# Sequential Limit Question

• Oct 14th 2010, 05:53 PM
Sequential Limit Question
I'm not entirely sure what cateogry this question falls under I got it in my Probability class and for some reason none of us can answer it lol. Any help would be greatly appreciated

If b is a positive integer n, such that 1/(2^(n-1)) < b?
• Oct 14th 2010, 07:20 PM
tonio
Quote:

I'm not entirely sure what cateogry this question falls under I got it in my Probability class and for some reason none of us can answer it lol. Any help would be greatly appreciated

If b is a positive integer n, such that 1/(2^(n-1)) < b?

Try again: there is no question here.

Tonio
• Oct 14th 2010, 08:07 PM
Well my Professor was asking questions like can you give a number where this inequality is true. That's the best I can explain it?

Or maybe he was asking If b is a positive integer, give an n such that 1/(2^(n-1)) < b?

He was talking about proving the solution but the question he made us write down the one I wrote I don't understand at all.

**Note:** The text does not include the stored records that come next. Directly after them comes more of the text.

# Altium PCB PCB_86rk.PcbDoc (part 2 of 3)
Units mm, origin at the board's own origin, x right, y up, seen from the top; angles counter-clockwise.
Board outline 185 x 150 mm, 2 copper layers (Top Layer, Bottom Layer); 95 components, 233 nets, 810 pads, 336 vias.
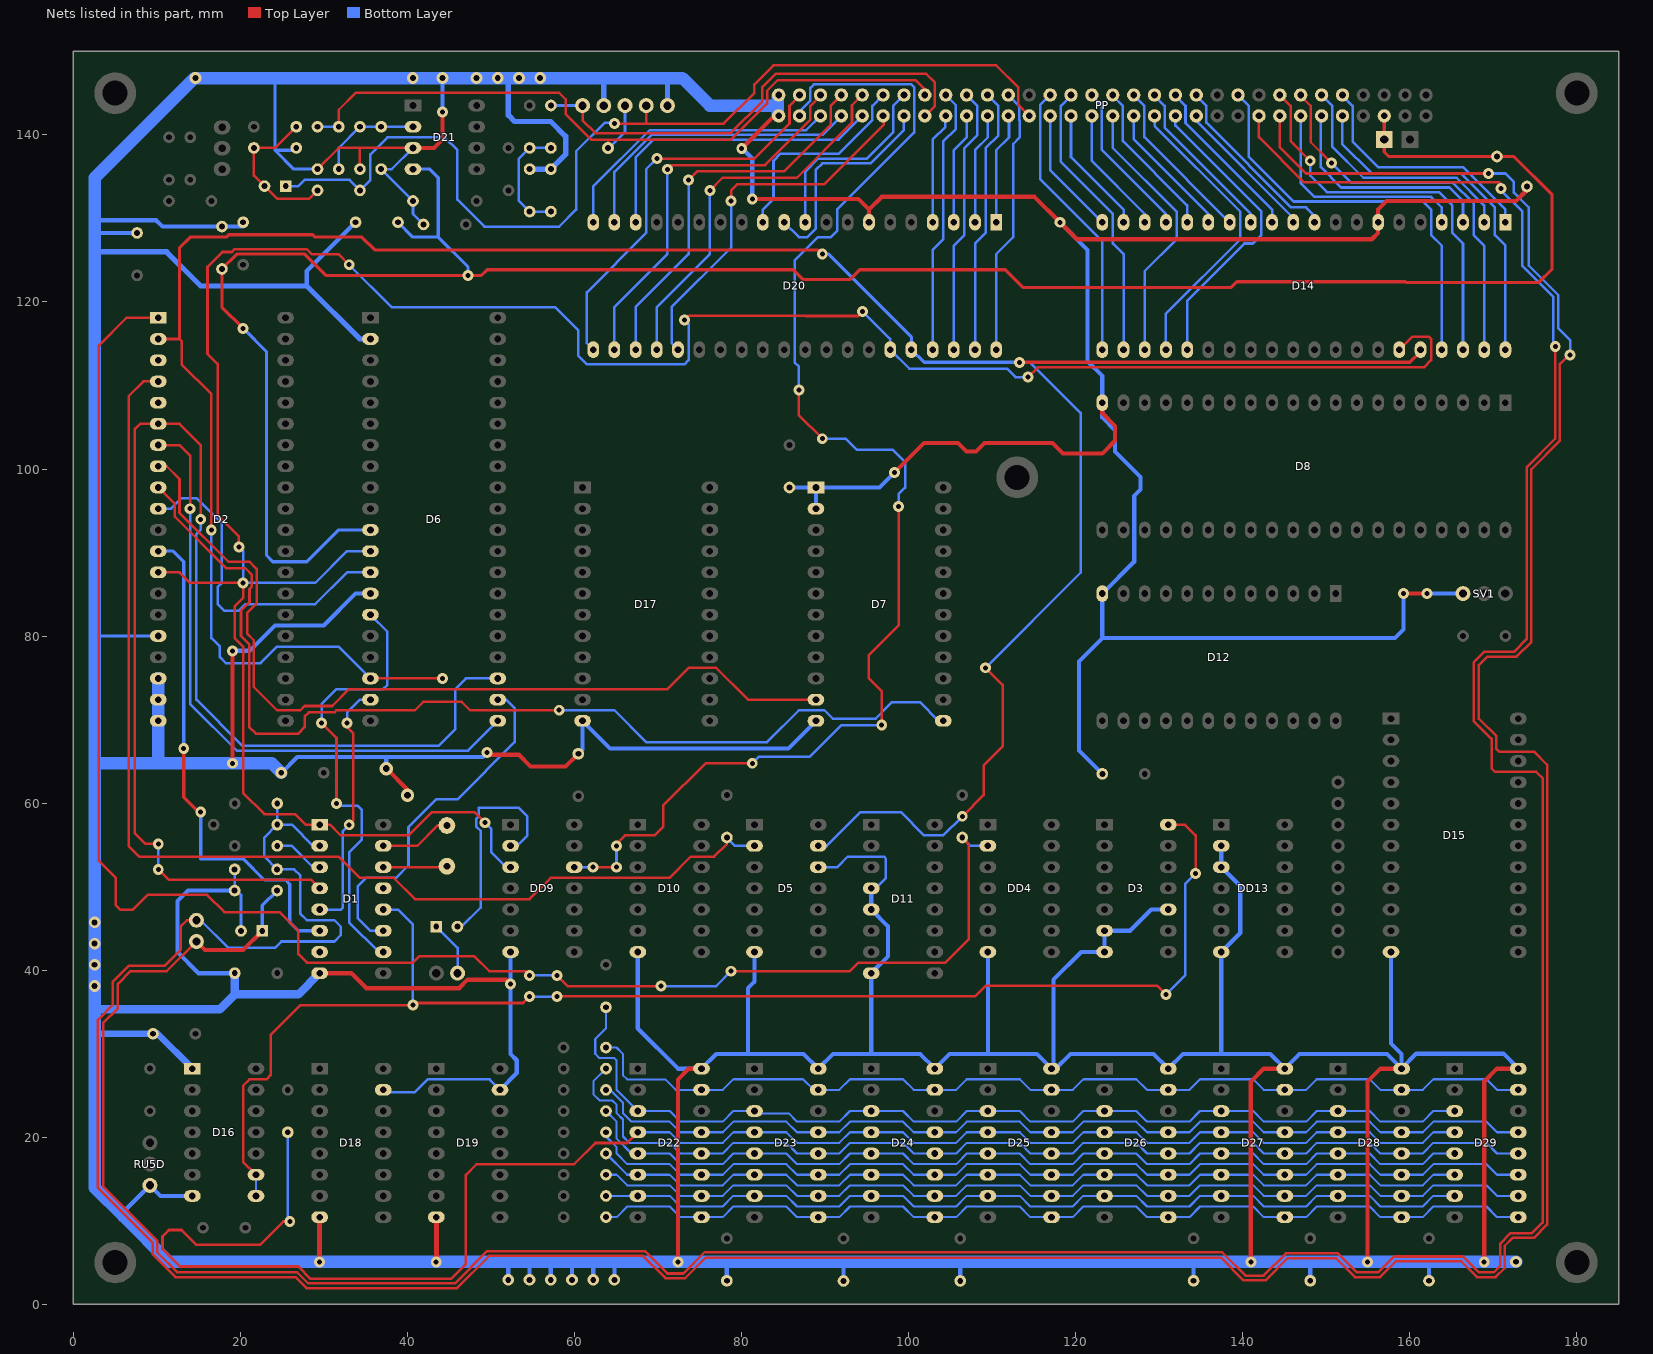
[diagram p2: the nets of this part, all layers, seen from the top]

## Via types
v1: diameter 1.3, hole 0.6, Top Layer to Bottom Layer, tented both sides, 301 vias
v2: diameter 1.4, hole 0.7, Top Layer to Bottom Layer, 27 vias
v3: diameter 1.4, hole 0.7, Top Layer to Bottom Layer, tented both sides, 4 vias
v4: diameter 3.2, hole 2.6, Top Layer to Bottom Layer, 2 vias
v5: diameter 1.6, hole 0.8, Top Layer to Bottom Layer, 1 vias
v6: diameter 1.6, hole 0.8, Top Layer to Bottom Layer, tented both sides, 1 vias

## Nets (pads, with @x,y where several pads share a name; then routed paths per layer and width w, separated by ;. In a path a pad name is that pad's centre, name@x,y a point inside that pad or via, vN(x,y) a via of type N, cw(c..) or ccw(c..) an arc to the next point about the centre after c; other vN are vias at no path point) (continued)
-5V: C9.1 C10.1 C14.1 D6.11 D21.4 pad.0@156.94,139.446 PP.Б30 | length 272.6
  Top Layer w0.381: v1(20.32,116.84) 17.78,119.38 C10.1@17.78,123.952 19.558,125.73 27.686,125.73 30.226,123.19 v1(47.244,123.19) 48.857,123.19 49.53,123.863 86.195,123.863 87.376,122.682 92.964,122.682 94.145,123.863 111.571,123.863 113.684,121.75 138.629,121.75 139.307,122.428 159.488,122.428 159.567,122.349 175.435,122.349 177.038,123.952 177.038,132.842 172.466,137.414 157.48,137.414 156.94,137.954 PP.Б30@156.94,142.28
  Bottom Layer w0.381: v1(20.32,116.84) 23.114,114.046 23.114,89.662 23.876,88.9 27.94,88.9 31.75,92.71 D6.11@35.56,92.71 ; C14.1@38.862,129.54 40.64,127.762 43.688,127.762 ; D21.4@40.656,135.906 42.656,135.906 43.688,134.874 43.688,127.762 ; v1(47.244,123.19) 47.244,124.206 43.688,127.762
B1: D22.5 D23.5 D24.5 D25.5 D26.5 D27.5 D28.5 D29.5 R21.1 | length 112.3
  Bottom Layer w0.254: R21.1@63.77,23.13 65.04,21.86 65.04,19.828 66.818,18.05 D22.5@67.58,18.05 71.39,18.05 72.66,16.78 77.74,16.78 79.01,18.05 D23.5@81.55,18.05 85.36,18.05 86.63,16.78 91.71,16.78 92.98,18.05 D24.5@95.52,18.05 99.33,18.05 100.6,16.78 105.68,16.78 106.95,18.05 D25.5@109.49,18.05 113.3,18.05 114.57,16.78 119.65,16.78 120.92,18.05 D26.5@123.46,18.05 127.27,18.05 128.54,16.78 133.62,16.78 134.89,18.05 D27.5@137.43,18.05 141.24,18.05 142.51,16.78 147.59,16.78 148.86,18.05 D28.5@151.4,18.05 155.21,18.05 156.48,16.78 161.56,16.78 162.83,18.05 D29.5@165.37,18.05
B2: D22.7 D23.7 D24.7 D25.7 D26.7 D27.7 D28.7 D29.7 R22.1 | length 109
  Bottom Layer w0.254: R22.1@63.77,12.97 D22.7@67.58,12.97 71.39,12.97 72.66,11.7 77.74,11.7 79.01,12.97 D23.7@81.55,12.97 85.36,12.97 86.63,11.7 91.71,11.7 92.98,12.97 D24.7@95.52,12.97 99.33,12.97 100.6,11.7 105.68,11.7 106.95,12.97 D25.7@109.49,12.97 113.3,12.97 114.57,11.7 119.65,11.7 120.92,12.97 D26.7@123.46,12.97 127.27,12.97 128.54,11.7 133.62,11.7 134.89,12.97 D27.7@137.43,12.97 141.24,12.97 142.51,11.7 147.59,11.7 148.86,12.97 D28.7@151.4,12.97 155.21,12.97 156.48,11.7 161.56,11.7 162.83,12.97 D29.7@165.37,12.97
B3: D22.6 D23.6 D24.6 D25.6 D26.6 D27.6 D28.6 D29.6 R23.1 | length 110
  Bottom Layer w0.254: R23.1@63.77,18.05 66.31,15.51 D22.6@67.58,15.51 71.39,15.51 72.66,14.24 77.74,14.24 79.01,15.51 D23.6@81.55,15.51 85.36,15.51 86.63,14.24 91.71,14.24 92.98,15.51 D24.6@95.52,15.51 99.33,15.51 100.6,14.24 105.68,14.24 106.95,15.51 D25.6@109.49,15.51 113.3,15.51 114.57,14.24 119.65,14.24 120.92,15.51 D26.6@123.46,15.51 127.27,15.51 128.54,14.24 133.62,14.24 134.89,15.51 D27.6@137.43,15.51 141.24,15.51 142.51,14.24 147.59,14.24 148.86,15.51 D28.6@151.4,15.51 155.21,15.51 156.48,14.24 161.56,14.24 162.83,15.51 D29.6@165.37,15.51
B4: D22.12 D23.12 D24.12 D25.12 D26.12 D27.12 D28.12 D29.12 R24.1 | length 126.5
  Bottom Layer w0.254: R24.1@63.77,28.21 62.246,26.686 62.246,25.162 63.008,24.4 64.532,24.4 65.04,23.892 65.04,22.876 65.802,22.114 65.802,20.082 66.564,19.32 71.39,19.32 72.66,18.05 D22.12@75.2,18.05 77.74,18.05 79.01,19.32 85.36,19.32 86.63,18.05 D23.12@89.17,18.05 91.71,18.05 92.98,19.32 99.33,19.32 100.6,18.05 D24.12@103.14,18.05 105.68,18.05 106.95,19.32 113.3,19.32 114.57,18.05 D25.12@117.11,18.05 119.65,18.05 120.92,19.32 127.27,19.32 128.54,18.05 D26.12@131.08,18.05 133.62,18.05 134.89,19.32 141.24,19.32 142.51,18.05 D27.12@145.05,18.05 147.59,18.05 148.86,19.32 155.21,19.32 156.48,18.05 D28.12@159.02,18.05 161.56,18.05 162.83,19.32 169.18,19.32 170.45,18.05 D29.12@172.99,18.05
B5: D22.11 D23.11 D24.11 D25.11 D26.11 D27.11 D28.11 D29.11 R25.1 | length 119.4
  Bottom Layer w0.254: R25.1@63.77,20.59 63.77,20.082 65.04,18.812 65.04,18.05 66.31,16.78 71.39,16.78 72.66,15.51 D22.11@75.2,15.51 77.74,15.51 79.01,16.78 85.36,16.78 86.63,15.51 D23.11@89.17,15.51 91.71,15.51 92.98,16.78 99.33,16.78 100.6,15.51 D24.11@103.14,15.51 105.68,15.51 106.95,16.78 113.3,16.78 114.57,15.51 D25.11@117.11,15.51 119.65,15.51 120.92,16.78 127.27,16.78 128.54,15.51 D26.11@131.08,15.51 133.62,15.51 134.89,16.78 141.24,16.78 142.51,15.51 D27.11@145.05,15.51 147.59,15.51 148.86,16.78 155.21,16.78 156.48,15.51 D28.11@159.02,15.51 161.56,15.51 162.83,16.78 169.18,16.78 170.45,15.51 D29.11@172.99,15.51
B6: D22.10 D23.10 D24.10 D25.10 D26.10 D27.10 D28.10 D29.10 R26.1 | length 117.6
  Bottom Layer w0.254: R26.1@63.77,15.51 65.04,15.51 66.31,14.24 71.39,14.24 72.66,12.97 D22.10@75.2,12.97 77.74,12.97 79.01,14.24 85.36,14.24 86.63,12.97 D23.10@89.17,12.97 91.71,12.97 92.98,14.24 99.33,14.24 100.6,12.97 D24.10@103.14,12.97 105.68,12.97 106.95,14.24 113.3,14.24 114.57,12.97 D25.10@117.11,12.97 119.65,12.97 120.92,14.24 127.27,14.24 128.54,12.97 D26.10@131.08,12.97 133.62,12.97 134.89,14.24 141.24,14.24 142.51,12.97 D27.10@145.05,12.97 147.59,12.97 148.86,14.24 155.21,14.24 156.48,12.97 D28.10@159.02,12.97 161.56,12.97 162.83,14.24 169.18,14.24 170.45,12.97 D29.10@172.99,12.97
B7: D22.13 D23.13 D24.13 D25.13 D26.13 D27.13 D28.13 D29.13 R27.1 | length 119.4
  Bottom Layer w0.254: R27.1@63.77,25.67 64.246,25.67 65.802,24.114 65.802,22.876 66.818,21.86 71.39,21.86 72.66,20.59 D22.13@75.2,20.59 77.74,20.59 79.01,21.86 85.36,21.86 86.63,20.59 D23.13@89.17,20.59 91.71,20.59 92.98,21.86 99.33,21.86 100.6,20.59 D24.13@103.14,20.59 105.68,20.59 106.95,21.86 113.3,21.86 114.57,20.59 D25.13@117.11,20.59 119.65,20.59 120.92,21.86 127.27,21.86 128.54,20.59 D26.13@131.08,20.59 133.62,20.59 134.89,21.86 141.24,21.86 142.51,20.59 D27.13@145.05,20.59 147.59,20.59 148.86,21.86 155.21,21.86 156.48,20.59 D28.13@159.02,20.59 161.56,20.59 162.83,21.86 169.18,21.86 170.45,20.59 D29.13@172.99,20.59
B8: D22.4 D23.4 D24.4 D25.4 D26.4 D27.4 D28.4 D29.4 R20.1 | length 206.8
  Top Layer w0.305: v1(25.908,9.906) 25.146,9.906 22.352,7.112 14.732,7.112 12.954,8.89 11.43,8.89 10.668,8.128 10.668,6.604 12.751,4.521 26.924,4.521 28.397,3.048 45.212,3.048 46.99,4.826 46.99,15.494 48.26,16.764 59.944,16.764 62.484,19.304 66.294,19.304 D22.4@67.58,20.59
  Bottom Layer w0.254: D22.4@67.58,20.59 71.39,20.59 72.66,19.32 77.74,19.32 79.01,20.59 D23.4@81.55,20.59 85.36,20.59 86.63,19.32 91.71,19.32 92.98,20.59 D24.4@95.52,20.59 99.33,20.59 100.6,19.32 105.68,19.32 106.95,20.59 D25.4@109.49,20.59 113.3,20.59 114.57,19.32 119.65,19.32 120.92,20.59 D26.4@123.46,20.59 127.27,20.59 128.54,19.32 133.62,19.32 134.89,20.59 D27.4@137.43,20.59 141.24,20.59 142.51,19.32 147.59,19.32 148.86,20.59 D28.4@151.4,20.59 155.21,20.59 156.48,19.32 161.56,19.32 162.83,20.59 D29.4@165.37,20.59
  Bottom Layer w0.305: R20.1@25.67,20.59 25.67,10.144 v1(25.908,9.906)
B9: D22.3 D23.3 D24.3 D25.3 D26.3 D27.3 D28.3 D29.3 R14.1 | length 121.3
  Bottom Layer w0.254: R14.1@63.754,35.56 63.754,33.02 62.484,31.75 62.484,29.972 62.992,29.464 64.77,29.464 65.024,29.21 65.024,25.686 D22.3@67.58,23.13 71.39,23.13 72.66,21.86 77.74,21.86 79.01,23.13 D23.3@81.55,23.13 81.82,22.86 85.63,22.86 86.63,21.86 91.71,21.86 92.98,23.13 D24.3@95.52,23.13 99.33,23.13 100.6,21.86 105.68,21.86 106.95,23.13 D25.3@109.49,23.13 113.3,23.13 114.57,21.86 119.65,21.86 120.92,23.13 D26.3@123.46,23.13 127.27,23.13 128.54,21.86 133.62,21.86 134.89,23.13 D27.3@137.43,23.13 141.24,23.13 142.51,21.86 147.59,21.86 148.86,23.13 D28.3@151.4,23.13 155.21,23.13 156.48,21.86 161.56,21.86 162.83,23.13 D29.3@165.37,23.13
B10: D22.15 D23.15 D24.15 D25.15 D26.15 D27.15 D28.15 D29.15 R28.1 | length 120.7
  Top Layer w0.305: D28.15@159.02,25.67 D28.15@159.528,25.67
  Bottom Layer w0.254: R28.1@63.754,30.734 65.024,30.734 65.786,29.972 65.786,27.432 66.294,26.924 70.866,26.924 72.12,25.67 D22.15@75.2,25.67 77.74,25.67 79.01,26.94 87.36,26.94 88.63,25.67 D23.15@89.17,25.67 91.71,25.67 92.98,26.94 99.33,26.94 100.6,25.67 D24.15@103.14,25.67 105.68,25.67 106.95,26.94 113.3,26.94 114.57,25.67 D25.15@117.11,25.67 119.65,25.67 120.92,26.94 127.27,26.94 128.54,25.67 D26.15@131.08,25.67 133.62,25.67 134.89,26.94 141.24,26.94 142.51,25.67 D27.15@145.05,25.67 147.59,25.67 148.86,26.94 155.21,26.94 156.48,25.67 D28.15@159.02,25.67 161.56,25.67 162.83,26.94 169.18,26.94 170.45,25.67 D29.15@172.99,25.67
B11: D22.9 D23.9 D24.9 D25.9 D26.9 D27.9 D28.9 D29.9 R34.1 | length 117.6
  Bottom Layer w0.254: R34.1@63.77,10.43 65.04,10.43 66.31,11.7 71.39,11.7 72.66,10.43 D22.9@75.2,10.43 77.74,10.43 79.01,11.7 85.36,11.7 86.63,10.43 D23.9@89.17,10.43 91.71,10.43 92.98,11.7 99.33,11.7 100.6,10.43 D24.9@103.14,10.43 105.68,10.43 106.95,11.7 113.3,11.7 114.57,10.43 D25.9@117.11,10.43 119.65,10.43 120.92,11.7 127.27,11.7 128.54,10.43 D26.9@131.08,10.43 133.62,10.43 134.89,11.7 141.24,11.7 142.51,10.43 D27.9@145.05,10.43 147.59,10.43 148.86,11.7 155.21,11.7 156.48,10.43 D28.9@159.02,10.43 161.56,10.43 162.83,11.7 169.18,11.7 170.45,10.43 D29.9@172.99,10.43
C1: D14.4 PP.Б26 | length 27.9
  Bottom Layer w0.305: PP.Б26@146.94,142.28 146.94,134.238 148.59,132.588 162.56,132.588 163.83,131.318 D14.4@163.83,129.54
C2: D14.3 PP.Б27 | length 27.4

Actually he may have asked...... Is it that for any real b there is an integer n such that 1/2^{n-1}
• Oct 15th 2010, 02:37 AM
HallsofIvy
Quote:

"Given a positive integer b, find an integer n such that $\displaystyle \frac{1}{2^{n-1}}< b$"?
This inequality is the same as asking for n such that $\displaystyle b< 2^{n-1}$. Since the logarithm is an increasing function, log(b)< log(2^{n-1}= (n-1) log(2). Since log(2) is positive (for positive base) $\displaystyle \frac{log(b)}{log(2)}< n-1$, $\displaystyle n> \frac{log(b)}{log(2)}$.